Neoadjuvant Treatment with Lu-177
Lutetium-177-PSMA is being explored in clinical trials like LUNAR for oligorecurrent PCa and in neoadjuvant settings for localized PCa. Golan et al. published a safety profile study, including patients with localized HR PCa or pelvic lymph node involvement, receiving LuPSMA intravenously. The study concluded that LuPSMA administration as a neoadjuvant treatment, followed by RARP, appears safe from a surgical perspective. LuTectomy, a prospective phase I/II study, assesses Lutetium-177-PSMA-617 as a neoadjuvant therapy prior to RP, showing that it is safe and effective with high and targeted dose delivery.

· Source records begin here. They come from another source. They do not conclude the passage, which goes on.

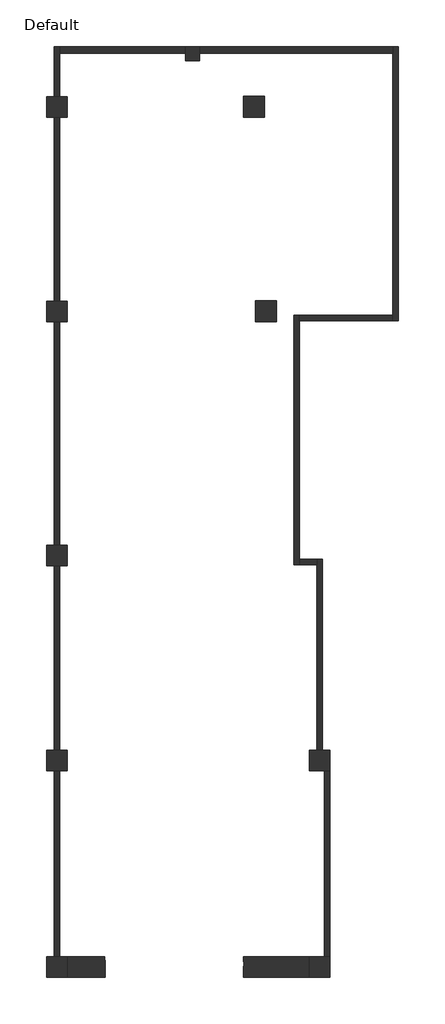
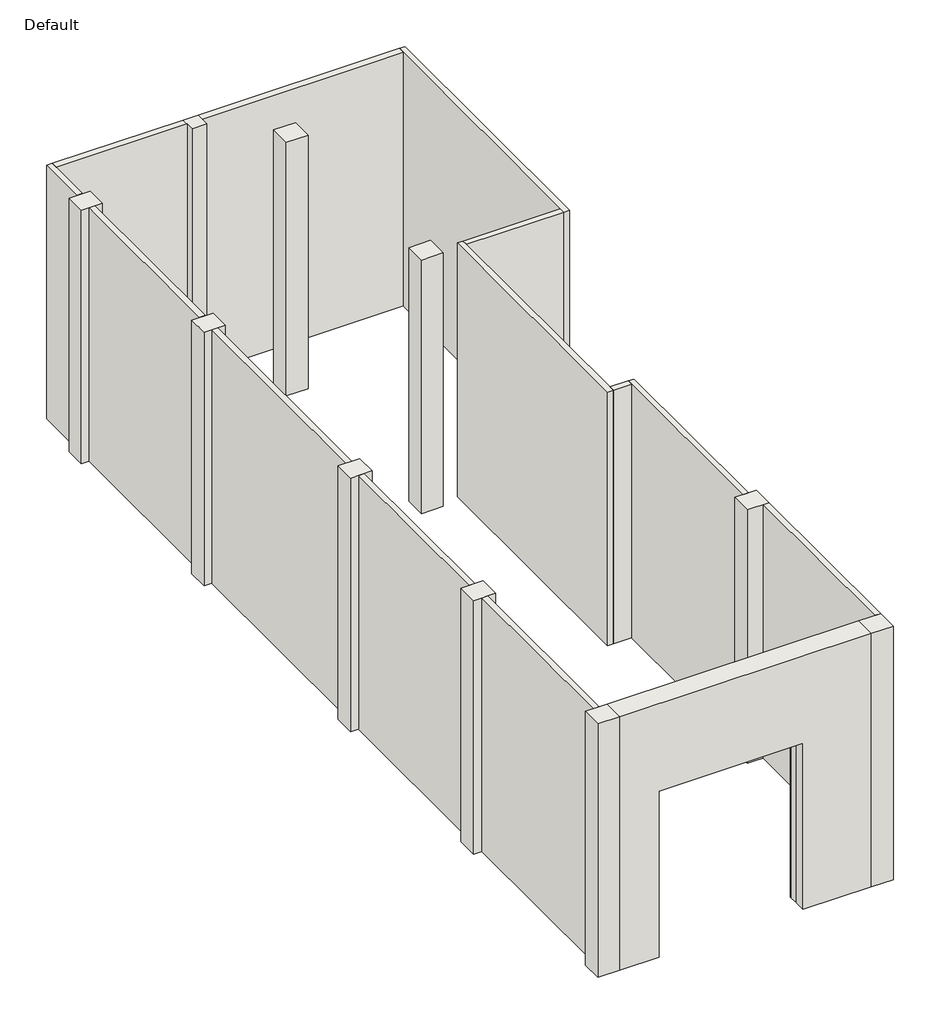
# One storey: 24 walls.
"""IFC4 building model written with IfcOpenShell, lengths in millimetres."""

import ifcopenshell
import ifcopenshell.guid

model = None  # the IFC model being written
_history = None  # IfcOwnerHistory: only IFC2X3 demands one
_inside = {}  # id of a spatial element -> (the spatial element, [elements in it])
_under = {}  # id of a project, library or spatial element -> (it, [spatial elements below it])
_declared = {}  # id of a project -> (the project, [libraries it declares])
_typed = {}  # id of a type object -> (the type object, [elements of that type])
_made_of = {}  # id of a material, layer set ... -> (it, [elements and type objects made of it])


def new_model(schema):
    """Start an empty IFC model of exactly this schema.

    Asked for "IFC4X3", IfcOpenShell would pick the latest addendum, in which some entities
    have other attributes; the version numbers below select the first issue.
    IFC2X3 requires an IfcOwnerHistory on every rooted entity: one is made here for all.
    """
    global model, _history
    if schema == "IFC4X3":
        model = ifcopenshell.file(schema_version=(4, 3, 0, 0))
    else:
        model = ifcopenshell.file(schema=schema)
    _inside.clear()
    _under.clear()
    _declared.clear()
    _typed.clear()
    _made_of.clear()
    _history = None
    if model.schema == "IFC2X3":
        org = make("IfcOrganization", Name="unknown")
        user = make(
            "IfcPersonAndOrganization",
            ThePerson=make("IfcPerson", FamilyName="unknown"),
            TheOrganization=org,
        )
        app = make(
            "IfcApplication",
            ApplicationDeveloper=org,
            Version="unknown",
            ApplicationFullName="unknown",
            ApplicationIdentifier="unknown",
        )
        _history = make(
            "IfcOwnerHistory",
            OwningUser=user,
            OwningApplication=app,
            ChangeAction="ADDED",
            CreationDate=0,
        )
    return model


def make(cls, **values):
    """One entity of the class cls with the attributes given. An attribute that is None is left unset."""
    return model.create_entity(
        cls, **{name: value for name, value in values.items() if value is not None}
    )


def rooted(cls, **values):
    """An entity with a GlobalId (a new one), such as an element, a storey or a relation."""
    return make(cls, GlobalId=ifcopenshell.guid.new(), OwnerHistory=_history, **values)


def si_unit(unit_type, name, prefix=None):
    """IfcSIUnit, for example si_unit("LENGTHUNIT", "METRE", prefix="MILLI")."""
    return make("IfcSIUnit", UnitType=unit_type, Prefix=prefix, Name=name)


def assignment(units):
    """IfcUnitAssignment: the units of a project."""
    return None if units is None else make("IfcUnitAssignment", Units=units)


def point(xyz):
    """IfcCartesianPoint."""
    return None if xyz is None else make("IfcCartesianPoint", Coordinates=xyz)


def direction(xyz):
    """IfcDirection."""
    return None if xyz is None else make("IfcDirection", DirectionRatios=xyz)


def frame(location, z_axis=None, x_axis=None):
    """IfcAxis2Placement3D, a coordinate frame: its origin and axes. An axis left out is left unset."""
    return make(
        "IfcAxis2Placement3D",
        Location=point(location),
        Axis=direction(z_axis),
        RefDirection=direction(x_axis),
    )


def origin():
    """The frame at (0, 0, 0) with its axes left unset."""
    return frame((0.0, 0.0, 0.0))


def origin_with_axes():
    """The frame at (0, 0, 0) with the z axis (0, 0, 1) and the x axis (1, 0, 0) written out."""
    return frame((0.0, 0.0, 0.0), z_axis=(0.0, 0.0, 1.0), x_axis=(1.0, 0.0, 0.0))


def place(relative_to, where):
    """IfcLocalPlacement: puts the frame where relative to a parent placement (None: the world)."""
    return make(
        "IfcLocalPlacement", PlacementRelTo=relative_to, RelativePlacement=where
    )


def context(
    kind, dimensions, precision=None, world=None, true_north=None, identifier=None
):
    """IfcGeometricRepresentationContext, for example the 3D "Model" context."""
    return make(
        "IfcGeometricRepresentationContext",
        ContextIdentifier=identifier,
        ContextType=kind,
        CoordinateSpaceDimension=dimensions,
        Precision=precision,
        WorldCoordinateSystem=world,
        TrueNorth=true_north,
    )


def project(units=None, contexts=None):
    """IfcProject with its units and contexts."""
    return rooted(
        "IfcProject",
        Name="project",
        RepresentationContexts=contexts,
        UnitsInContext=assignment(units),
    )


def spatial(cls, under=None, at=None, **own):
    """A site, building, storey or space (cls), placed at a placement, below another one or the project."""
    s = rooted(cls, ObjectPlacement=at, **own)
    if under is not None:
        _under.setdefault(under.id(), (under, []))[1].append(s)
    return s


def polyline(points):
    """IfcPolyline through the points."""
    return make("IfcPolyline", Points=[point(p) for p in points])


def outline(outer, holes=None, kind="AREA"):
    """IfcArbitraryClosedProfileDef: a profile drawn as a closed curve; with holes, ...WithVoids."""
    if holes is None:
        return make("IfcArbitraryClosedProfileDef", ProfileType=kind, OuterCurve=outer)
    return make(
        "IfcArbitraryProfileDefWithVoids",
        ProfileType=kind,
        OuterCurve=outer,
        InnerCurves=holes,
    )


def extrude(swept, where, along, depth):
    """IfcExtrudedAreaSolid: the profile swept, set in the frame where, extruded along a direction by depth."""
    return make(
        "IfcExtrudedAreaSolid",
        SweptArea=swept,
        Position=where,
        ExtrudedDirection=direction(along),
        Depth=depth,
    )


def faces_of(points, faces, orient=None, outer=None):
    """IfcFace entities. A face is a list of loops; a loop is a list of indices into points, from 0.

    orient and outer hold one flag for each loop. By default every Orientation is true, the
    first loop of a face is its IfcFaceOuterBound and the others are IfcFaceBound.
    """
    made = []
    for i, loops in enumerate(faces):
        bounds = []
        for j, loop in enumerate(loops):
            is_outer = j == 0 if outer is None else outer[i][j]
            bounds.append(
                make(
                    "IfcFaceOuterBound" if is_outer else "IfcFaceBound",
                    Bound=make("IfcPolyLoop", Polygon=[points[k] for k in loop]),
                    Orientation=True if orient is None else orient[i][j],
                )
            )
        made.append(make("IfcFace", Bounds=bounds))
    return made


def faceted_brep(points, faces, orient=None, outer=None, voids=None):
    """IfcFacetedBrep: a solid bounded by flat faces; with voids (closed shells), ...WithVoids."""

Genomic Alterations and Molecular Response Markers
Trials are evaluating neoadjuvant treatments based on genomic alterations, including immunotherapies. The genomic umbrella neoadjuvant study (GUNS) is a multi-arm study assessing targeted therapies based on genomic alterations. The NePtune trial assesses neoadjuvant PARP inhibition with Olaparib in patients with HR PCa presenting BRCA 1/2 gene alterations. Studies are also investigating molecular markers to predict treatment responses, with findings suggesting that PTEN-loss and ERG + expression are associated with larger residual tumors.
Conclusions
Currently, no phase III data supports the use of systemic neoadjuvant therapies before RP. Phase II studies show promising data for ADT with second-generation agents, including favorable pCR and MRD, along with PSA relapse and salvage therapy rates. Ongoing studies should incorporate translational endpoints to identify resistance mechanisms and develop innovative biomarkers, enabling tailored neoadjuvant hormonal treatments for patients with HR PCa.